• _What needs to be done_:
Your response should be every line from the entries that includes the string "dimclrt".

• _Records shown_:

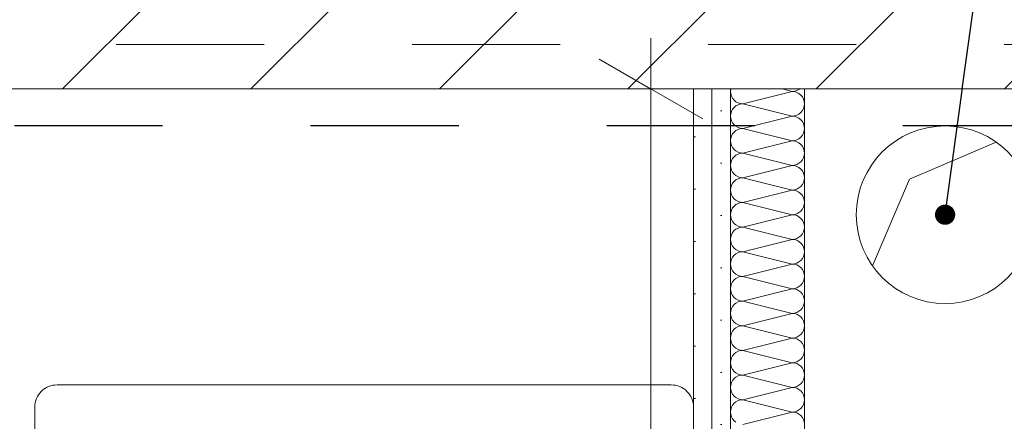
# Model space of a CAD drawing. Header units: metres. Extents: x -4 to 100, y -11 to 17.
# Tile 491 of 656: x 43.915 to 44.58, y 5.535 to 5.807. Entities that reach past the tile are written whole.
import ezdxf

# ---------------------------------------------------------------- set-up
doc = ezdxf.new("R2010")
doc.units = ezdxf.units.M
doc.header["$MEASUREMENT"] = 0
for name, pattern in [('Strichlinie eng', [0.115, 0.075, -0.04]), ('Untersicht', [0.1, 0.075, -0.025]), ('Wipeout_Contour', [1, 0, -1])]:
    doc.linetypes.add(name, pattern=pattern)
for name, color, linetype in [('152 - Bemaßung_ Beschriftung.Ausbau', 7, 'Continuous'), ('301 - Elemente.Linie', 7, 'Continuous'), ('605 - Struktur.Wand Innen', 7, 'Continuous'), ('608 - Struktur.Träger', 7, 'Continuous'), ('Abbruch_603 - Struktur.Bodenplatte_ Decke Roh', 7, 'Continuous'), ('Neubau_152 - Bemaßung_ Beschriftung.Ausbau', 7, 'Continuous'), ('Neubau_603 - Struktur.Bodenplatte_ Decke Roh', 7, 'Continuous'), ('Neubau_606 - Struktur.Wand Innen Ausbau', 7, 'Continuous'), ('Neubau_650 - Abdeckung.Fußboden Aufbau', 7, 'Continuous'), ('Neubau_653 - Abdeckung.TB Verkofferung', 7, 'Continuous'), ('Neubau_702 - Einrichtung.Möbel Sanitär', 7, 'Continuous')]:
    doc.layers.add(name, color=color, linetype=linetype)
doc.styles.add('ERSTELLTER_STIL_2', font='txt')
doc.linetypes.add('Abbruch 1', pattern='A,0,[1,2022.0244.A_L5A-PL02.03_iC_Grundriss 1.OG1.Shx,S=0.001984,R=0,X=0,Y=0],-0.25,0', length=0.25)
doc.dimstyles.new('ERSTELLTER_STIL__3', dxfattribs={"dimtxt": 0.1, "dimasz": 0.0532, "dimexe": 0.18, "dimexo": 0.0625, "dimgap": 0, "dimtad": 1, "dimzin": 0, "dimdsep": 46, "dimtxsty": 'ERSTELLTER_STIL_2', "dimblk": 'ARROWHEAD_2', "dimblk1": 'ARROWHEAD_2', "dimblk2": 'ARROWHEAD_2', "dimcen": 0.09, "dimse1": 1, "dimse2": 1, "dimclrd": 7, "dimclre": 7, "dimclrt": 7, "dimazin": 0, "dimtfac": 1, "dimtdec": 4, "dimtmove": 0, "dimatfit": 3, "dimfxl": 1, "dimtolj": 1, "dimtzin": 0, "dimarcsym": 0})
doc.dimstyles.new('ERSTELLTER_STIL__4', dxfattribs={"dimtxt": 0.1, "dimasz": 0.0532, "dimexe": 0.18, "dimexo": 0.0625, "dimgap": 0, "dimtad": 1, "dimzin": 0, "dimdsep": 46, "dimtxsty": 'ERSTELLTER_STIL_2', "dimblk": 'ARROWHEAD_2', "dimblk1": 'ARROWHEAD_2', "dimblk2": 'ARROWHEAD_2', "dimcen": 0.09, "dimse1": 1, "dimse2": 1, "dimclrd": 7, "dimclre": 7, "dimclrt": 7, "dimazin": 0, "dimtfac": 1, "dimtdec": 4, "dimtmove": 2, "dimatfit": 3, "dimfxl": 1, "dimtolj": 1, "dimtzin": 0, "dimarcsym": 0})
doc.dimstyles.new('ERSTELLTER_STIL__5', dxfattribs={"dimtxt": 0.1, "dimasz": 0.0532, "dimexe": 0.18, "dimexo": 0.0625, "dimgap": 0, "dimtad": 1, "dimtih": 1, "dimtoh": 1, "dimzin": 0, "dimdsep": 46, "dimtxsty": 'ERSTELLTER_STIL_2', "dimblk": 'ARROWHEAD_2', "dimblk1": 'ARROWHEAD_2', "dimblk2": 'ARROWHEAD_2', "dimcen": 0.09, "dimse1": 1, "dimse2": 1, "dimclrd": 7, "dimclre": 7, "dimclrt": 7, "dimazin": 0, "dimtfac": 1, "dimtdec": 4, "dimtmove": 0, "dimatfit": 3, "dimfxl": 1, "dimtolj": 1, "dimtzin": 0, "dimarcsym": 0})
doc.dimstyles.new('ERSTELLTER_STIL__9', dxfattribs={"dimtxt": 0.18, "dimasz": 0.02736, "dimexe": 0.18, "dimexo": 0.0625, "dimgap": 0, "dimtad": 0, "dimtih": 1, "dimtoh": 1, "dimdec": 4, "dimzin": 0, "dimdsep": 46, "dimcen": 0.09, "dimadec": 0, "dimazin": 0, "dimtfac": 1, "dimtdec": 4, "dimtmove": 0, "dimatfit": 3, "dimldrblk": 'ARROWHEAD_11', "dimfxl": 1, "dimtolj": 1, "dimtzin": 0, "dimarcsym": 0})
pattern_1 = [(45, (0, 0), (-0.01767767, 0.01767767), [0, -0.025])]

# ---------------------------------------------------------------- blocks, each defined once
blk = doc.blocks.new('*X183')
at = {"layer": 'Neubau_606 - Struktur.Wand Innen Ausbau', "color": 7, "linetype": 'Continuous', "lineweight": 5}
for p, q in [((44.39515, 5.75996), (44.39499, 5.75833)), ((44.39499, 5.75833), (44.39515, 5.75671)), ((44.39516, 5.76), (44.39515, 5.75996)), ((44.39515, 5.75671), (44.39562, 5.75514)), ((44.39562, 5.75514), (44.39639, 5.7537)), ((44.40332, 5.75), (44.43665, 5.75833)), ((44.42999, 5.76), (44.43665, 5.75833)), ((44.43665, 5.75833), (44.43828, 5.75849)), ((44.43828, 5.75817), (44.43665, 5.75833)), ((44.43828, 5.75849), (44.43984, 5.75897)), ((44.43984, 5.7577), (44.43828, 5.75817)), ((44.43984, 5.75897), (44.44128, 5.75974)), ((44.44128, 5.75693), (44.43984, 5.7577)), ((44.44128, 5.75974), (44.4416, 5.76)), ((44.44255, 5.75589), (44.44128, 5.75693)), ((44.44358, 5.75463), (44.44255, 5.75589)), ((44.44435, 5.75319), (44.44358, 5.75463)), ((44.39639, 5.7537), (44.39743, 5.75244)), ((44.39743, 5.75244), (44.39869, 5.7514)), ((44.39869, 5.7486), (44.39743, 5.74756)), ((44.39869, 5.7514), (44.40013, 5.75063)), ((44.40013, 5.74937), (44.39869, 5.7486)), ((44.40013, 5.75063), (44.4017, 5.75016)), ((44.4017, 5.74984), (44.40013, 5.74937)), ((44.4017, 5.75016), (44.40332, 5.75)), ((44.40332, 5.75), (44.4017, 5.74984)), ((44.40332, 5.75), (44.43665, 5.74167)), ((44.44483, 5.75163), (44.44435, 5.75319)), ((44.44435, 5.74681), (44.44483, 5.74837)), ((44.44499, 5.75), (44.44483, 5.75163)), ((44.44483, 5.74837), (44.44499, 5.75)), ((44.39515, 5.74329), (44.39499, 5.74167)), ((44.39499, 5.74167), (44.39515, 5.74004)), ((44.39562, 5.74486), (44.39515, 5.74329)), ((44.39639, 5.7463), (44.39562, 5.74486)), ((44.39743, 5.74756), (44.39639, 5.7463)), ((44.40332, 5.73333), (44.43665, 5.74167)), ((44.43665, 5.74167), (44.43828, 5.74183)), ((44.43828, 5.74151), (44.43665, 5.74167)), ((44.43828, 5.74183), (44.43984, 5.7423)), ((44.43984, 5.74103), (44.43828, 5.74151)), ((44.43984, 5.7423), (44.44128, 5.74307)), ((44.44128, 5.74026), (44.43984, 5.74103)), ((44.44128, 5.74307), (44.44255, 5.74411)), ((44.44255, 5.74411), (44.44358, 5.74537)), ((44.44358, 5.74537), (44.44435, 5.74681)), ((44.39515, 5.74004), (44.39562, 5.73848)), ((44.39562, 5.73848), (44.39639, 5.73704)), ((44.39639, 5.73704), (44.39743, 5.73577)), ((44.39743, 5.73577), (44.39869, 5.73474)), ((44.39869, 5.73474), (44.40013, 5.73397)), ((44.44255, 5.73923), (44.44128, 5.74026)), ((44.44358, 5.73796), (44.44255, 5.73923)), ((44.44435, 5.73652), (44.44358, 5.73796)), ((44.44483, 5.73496), (44.44435, 5.73652)), ((44.44499, 5.73333), (44.44483, 5.73496)), ((44.39562, 5.72819), (44.39515, 5.72663)), ((44.39639, 5.72963), (44.39562, 5.72819)), ((44.39743, 5.73089), (44.39639, 5.72963)), ((44.39869, 5.73193), (44.39743, 5.73089)), ((44.40013, 5.7327), (44.39869, 5.73193)), ((44.40013, 5.73397), (44.4017, 5.73349)), ((44.4017, 5.73317), (44.40013, 5.7327)), ((44.4017, 5.73349), (44.40332, 5.73333)), ((44.40332, 5.73333), (44.4017, 5.73317)), ((44.40332, 5.73333), (44.43665, 5.725)), ((44.44255, 5.72744), (44.44358, 5.7287)), ((44.44358, 5.7287), (44.44435, 5.73014)), ((44.44435, 5.73014), (44.44483, 5.73171)), ((44.44483, 5.73171), (44.44499, 5.73333)), ((44.39515, 5.72663), (44.39499, 5.725)), ((44.39499, 5.725), (44.39515, 5.72337)), ((44.39515, 5.72337), (44.39562, 5.72181)), ((44.39562, 5.72181), (44.39639, 5.72037)), ((44.40332, 5.71667), (44.43665, 5.725)), ((44.43665, 5.725), (44.43828, 5.72516)), ((44.43828, 5.72484), (44.43665, 5.725)), ((44.43828, 5.72516), (44.43984, 5.72563)), ((44.43984, 5.72437), (44.43828, 5.72484)), ((44.43984, 5.72563), (44.44128, 5.7264)), ((44.44128, 5.7236), (44.43984, 5.72437)), ((44.44128, 5.7264), (44.44255, 5.72744)), ((44.44255, 5.72256), (44.44128, 5.7236)), ((44.44358, 5.7213), (44.44255, 5.72256)), ((44.44435, 5.71986), (44.44358, 5.7213)), ((44.39639, 5.72037), (44.39743, 5.71911)), ((44.39743, 5.71911), (44.39869, 5.71807)), ((44.39869, 5.71526), (44.39743, 5.71423)), ((44.39869, 5.71807), (44.40013, 5.7173)), ((44.40013, 5.71603), (44.39869, 5.71526)), ((44.40013, 5.7173), (44.4017, 5.71683)), ((44.4017, 5.71651), (44.40013, 5.71603)), ((44.4017, 5.71683), (44.40332, 5.71667)), ((44.40332, 5.71667), (44.4017, 5.71651)), ((44.40332, 5.71667), (44.43665, 5.70833)), ((44.44483, 5.71829), (44.44435, 5.71986)), ((44.44435, 5.71348), (44.44483, 5.71504)), ((44.44499, 5.71667), (44.44483, 5.71829)), ((44.44483, 5.71504), (44.44499, 5.71667)), ((44.39515, 5.70996), (44.39499, 5.70833)), ((44.39499, 5.70833), (44.39515, 5.70671)), ((44.39562, 5.71152), (44.39515, 5.70996)), ((44.39639, 5.71296), (44.39562, 5.71152)), ((44.39743, 5.71423), (44.39639, 5.71296)), ((44.40332, 5.7), (44.43665, 5.70833)), ((44.43665, 5.70833), (44.43828, 5.70849)), ((44.43828, 5.70817), (44.43665, 5.70833)), ((44.43828, 5.70849), (44.43984, 5.70897)), ((44.43984, 5.7077), (44.43828, 5.70817)), ((44.43984, 5.70897), (44.44128, 5.70974)), ((44.44128, 5.70693), (44.43984, 5.7077)), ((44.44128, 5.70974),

• _Written reply_:
doc.dimstyles.new('ERSTELLTER_STIL__3', dxfattribs={"dimtxt": 0.1, "dimasz": 0.0532, "dimexe": 0.18, "dimexo": 0.0625, "dimgap": 0, "dimtad": 1, "dimzin": 0, "dimdsep": 46, "dimtxsty": 'ERSTELLTER_STIL_2', "dimblk": 'ARROWHEAD_2', "dimblk1": 'ARROWHEAD_2', "dimblk2": 'ARROWHEAD_2', "dimcen": 0.09, "dimse1": 1, "dimse2": 1, "dimclrd": 7, "dimclre": 7, "dimclrt": 7, "dimazin": 0, "dimtfac": 1, "dimtdec": 4, "dimtmove": 0, "dimatfit": 3, "dimfxl": 1, "dimtolj": 1, "dimtzin": 0, "dimarcsym": 0})
doc.dimstyles.new('ERSTELLTER_STIL__4', dxfattribs={"dimtxt": 0.1, "dimasz": 0.0532, "dimexe": 0.18, "dimexo": 0.0625, "dimgap": 0, "dimtad": 1, "dimzin": 0, "dimdsep": 46, "dimtxsty": 'ERSTELLTER_STIL_2', "dimblk": 'ARROWHEAD_2', "dimblk1": 'ARROWHEAD_2', "dimblk2": 'ARROWHEAD_2', "dimcen": 0.09, "dimse1": 1, "dimse2": 1, "dimclrd": 7, "dimclre": 7, "dimclrt": 7, "dimazin": 0, "dimtfac": 1, "dimtdec": 4, "dimtmove": 2, "dimatfit": 3, "dimfxl": 1, "dimtolj": 1, "dimtzin": 0, "dimarcsym": 0})
doc.dimstyles.new('ERSTELLTER_STIL__5', dxfattribs={"dimtxt": 0.1, "dimasz": 0.0532, "dimexe": 0.18, "dimexo": 0.0625, "dimgap": 0, "dimtad": 1, "dimtih": 1, "dimtoh": 1, "dimzin": 0, "dimdsep": 46, "dimtxsty": 'ERSTELLTER_STIL_2', "dimblk": 'ARROWHEAD_2', "dimblk1": 'ARROWHEAD_2', "dimblk2": 'ARROWHEAD_2', "dimcen": 0.09, "dimse1": 1, "dimse2": 1, "dimclrd": 7, "dimclre": 7, "dimclrt": 7, "dimazin": 0, "dimtfac": 1, "dimtdec": 4, "dimtmove": 0, "dimatfit": 3, "dimfxl": 1, "dimtolj": 1, "dimtzin": 0, "dimarcsym": 0})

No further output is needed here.